**Your task:** For this listing, the lines between the one holding "#1279=VERTEX_POINT('',#1278);" and the one holding "#1428=CARTESIAN_POINT('',(0.0,-16.5,1.15));", inclusive, must be set down exactly.

**Data for this exercise:**
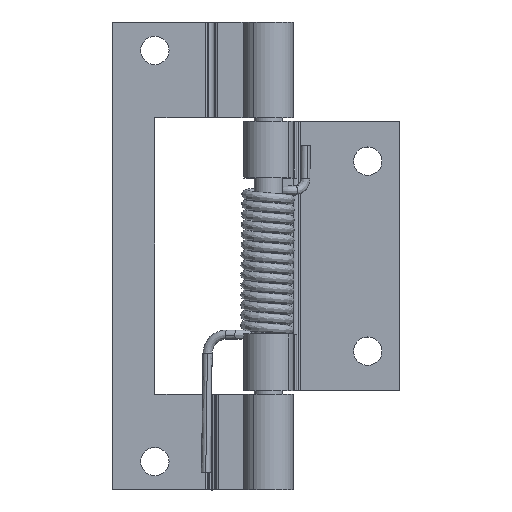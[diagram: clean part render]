
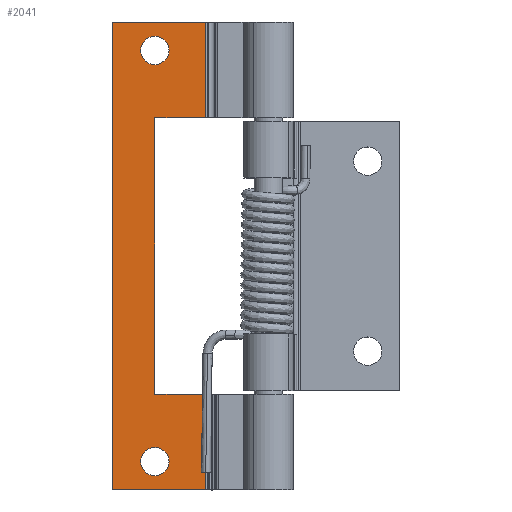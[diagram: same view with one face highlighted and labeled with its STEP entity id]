
A CAD part, top view. The second image highlights one B-rep face of the part: STEP entity #2041.
In plain terms, the highlighted planar face has unit normal (0, 0, 1).
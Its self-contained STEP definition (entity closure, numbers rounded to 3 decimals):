
#443=CARTESIAN_POINT('',(2.,32.,1.15));
#444=VERTEX_POINT('',#443);
#460=CARTESIAN_POINT('',(-2.,32.,1.15));
#461=VERTEX_POINT('',#460);
#468=CARTESIAN_POINT('',(0.,32.,1.15));
#469=DIRECTION('',(0.0,0.0,-1.0));
#470=DIRECTION('',(1.0,0.0,0.0));
#471=AXIS2_PLACEMENT_3D('',#468,#469,#470);
#472=CIRCLE('',#471,2.0);
#473=EDGE_CURVE('',#444,#461,#472,.T.);
#485=CARTESIAN_POINT('',(2.,-26.,1.15));
#486=VERTEX_POINT('',#485);
#502=CARTESIAN_POINT('',(-2.,-26.,1.15));
#503=VERTEX_POINT('',#502);
#510=CARTESIAN_POINT('',(0.,-26.,1.15));
#511=DIRECTION('',(0.0,0.0,-1.0));
#512=DIRECTION('',(1.0,0.0,0.0));
#513=AXIS2_PLACEMENT_3D('',#510,#511,#512);
#514=CIRCLE('',#513,2.0);
#515=EDGE_CURVE('',#486,#503,#514,.T.);
#1269=CARTESIAN_POINT('',(7.134,22.5,1.15));
#1270=VERTEX_POINT('',#1269);
#1278=CARTESIAN_POINT('',(0.0,22.5,1.15));
#1279=VERTEX_POINT('',#1278);
#1280=CARTESIAN_POINT('',(7.134,22.5,1.15));
#1281=DIRECTION('',(-1.0,0.0,0.0));
#1282=VECTOR('',#1281,7.134);
#1283=LINE('',#1280,#1282);
#1284=EDGE_CURVE('',#1270,#1279,#1283,.T.);
#1418=CARTESIAN_POINT('',(0.0,-16.5,1.15));
#1419=VERTEX_POINT('',#1418);
#1426=CARTESIAN_POINT('',(7.134,-16.5,1.15));
#1427=VERTEX_POINT('',#1426);
#1428=CARTESIAN_POINT('',(0.0,-16.5,1.15));
#1429=DIRECTION('',(1.0,0.0,0.0));
#1430=VECTOR('',#1429,7.134);
#1431=LINE('',#1428,#1430);
#1432=EDGE_CURVE('',#1419,#1427,#1431,.T.);
#1658=CARTESIAN_POINT('',(7.134,-30.,1.15));
#1659=VERTEX_POINT('',#1658);
#1667=CARTESIAN_POINT('',(-6.,-30.,1.15));
#1668=VERTEX_POINT('',#1667);
#1669=CARTESIAN_POINT('',(7.134,-30.,1.15));
#1670=DIRECTION('',(-1.0,0.0,0.0));
#1671=VECTOR('',#1670,13.134);
#1672=LINE('',#1669,#1671);
#1673=EDGE_CURVE('',#1659,#1668,#1672,.T.);
#1712=CARTESIAN_POINT('',(7.134,-16.5,1.15));
#1713=DIRECTION('',(0.0,-1.0,0.0));
#1714=VECTOR('',#1713,13.5);
#1715=LINE('',#1712,#1714);
#1716=EDGE_CURVE('',#1427,#1659,#1715,.T.);
#1779=CARTESIAN_POINT('',(7.134,36.,1.15));
#1780=VERTEX_POINT('',#1779);
#1788=CARTESIAN_POINT('',(7.134,36.,1.15));
#1789=DIRECTION('',(0.0,-1.0,0.0));
#1790=VECTOR('',#1789,13.5);
#1791=LINE('',#1788,#1790);
#1792=EDGE_CURVE('',#1780,#1270,#1791,.T.);
#1900=CARTESIAN_POINT('',(-6.,36.,1.15));
#1901=VERTEX_POINT('',#1900);
#1908=CARTESIAN_POINT('',(-6.,36.,1.15));
#1909=DIRECTION('',(1.0,0.0,0.0));
#1910=VECTOR('',#1909,13.134);
#1911=LINE('',#1908,#1910);
#1912=EDGE_CURVE('',#1901,#1780,#1911,.T.);
#1996=CARTESIAN_POINT('',(-1.474,0.,1.15));
#1997=DIRECTION('',(0.0,0.0,1.0));
#1998=DIRECTION('',(1.0,0.0,0.0));
#1999=AXIS2_PLACEMENT_3D('',#1996,#1997,#1998);
#2000=PLANE('',#1999);
#2001=ORIENTED_EDGE('',*,*,#1716,.F.);
#2002=ORIENTED_EDGE('',*,*,#1432,.F.);
#2003=CARTESIAN_POINT('',(0.0,22.5,1.15));
#2004=DIRECTION('',(0.0,-1.0,0.0));
#2005=VECTOR('',#2004,39.0);
#2006=LINE('',#2003,#2005);
#2007=EDGE_CURVE('',#1279,#1419,#2006,.T.);
#2008=ORIENTED_EDGE('',*,*,#2007,.F.);
#2009=ORIENTED_EDGE('',*,*,#1284,.F.);
#2010=ORIENTED_EDGE('',*,*,#1792,.F.);
#2011=ORIENTED_EDGE('',*,*,#1912,.F.);
#2012=CARTESIAN_POINT('',(-6.,-30.,1.15));
#2013=DIRECTION('',(0.0,1.0,0.0));
#2014=VECTOR('',#2013,66.0);
#2015=LINE('',#2012,#2014);
#2016=EDGE_CURVE('',#1668,#1901,#2015,.T.);
#2017=ORIENTED_EDGE('',*,*,#2016,.F.);
#2018=ORIENTED_EDGE('',*,*,#1673,.F.);
#2019=EDGE_LOOP('',(#2001,#2002,#2008,#2009,#2010,#2011,#2017,#2018));
#2020=FACE_OUTER_BOUND('',#2019,.T.);
#2021=ORIENTED_EDGE('',*,*,#473,.T.);
#2022=CARTESIAN_POINT('',(0.,32.,1.15));
#2023=DIRECTION('',(0.0,0.0,-1.0));
#2024=DIRECTION('',(1.0,0.0,0.0));
#2025=AXIS2_PLACEMENT_3D('',#2022,#2023,#2024);
#2026=CIRCLE('',#2025,2.0);
#2027=EDGE_CURVE('',#461,#444,#2026,.T.);
#2028=ORIENTED_EDGE('',*,*,#2027,.T.);
#2029=EDGE_LOOP('',(#2021,#2028));
#2030=FACE_BOUND('',#2029,.T.);
#2031=ORIENTED_EDGE('',*,*,#515,.T.);
#2032=CARTESIAN_POINT('',(0.,-26.,1.15));
#2033=DIRECTION('',(0.0,0.0,-1.0));
#2034=DIRECTION('',(1.0,0.0,0.0));
#2035=AXIS2_PLACEMENT_3D('',#2032,#2033,#2034);
#2036=CIRCLE('',#2035,2.0);
#2037=EDGE_CURVE('',#503,#486,#2036,.T.);
#2038=ORIENTED_EDGE('',*,*,#2037,.T.);
#2039=EDGE_LOOP('',(#2031,#2038));
#2040=FACE_BOUND('',#2039,.T.);
#2041=ADVANCED_FACE('',(#2020,#2030,#2040),#2000,.T.);

**Result for this task:**
#1279=VERTEX_POINT('',#1278);
#1280=CARTESIAN_POINT('',(7.134,22.5,1.15));
#1281=DIRECTION('',(-1.0,0.0,0.0));
#1282=VECTOR('',#1281,7.134);
#1283=LINE('',#1280,#1282);
#1284=EDGE_CURVE('',#1270,#1279,#1283,.T.);
#1418=CARTESIAN_POINT('',(0.0,-16.5,1.15));
#1419=VERTEX_POINT('',#1418);
#1426=CARTESIAN_POINT('',(7.134,-16.5,1.15));
#1427=VERTEX_POINT('',#1426);
#1428=CARTESIAN_POINT('',(0.0,-16.5,1.15));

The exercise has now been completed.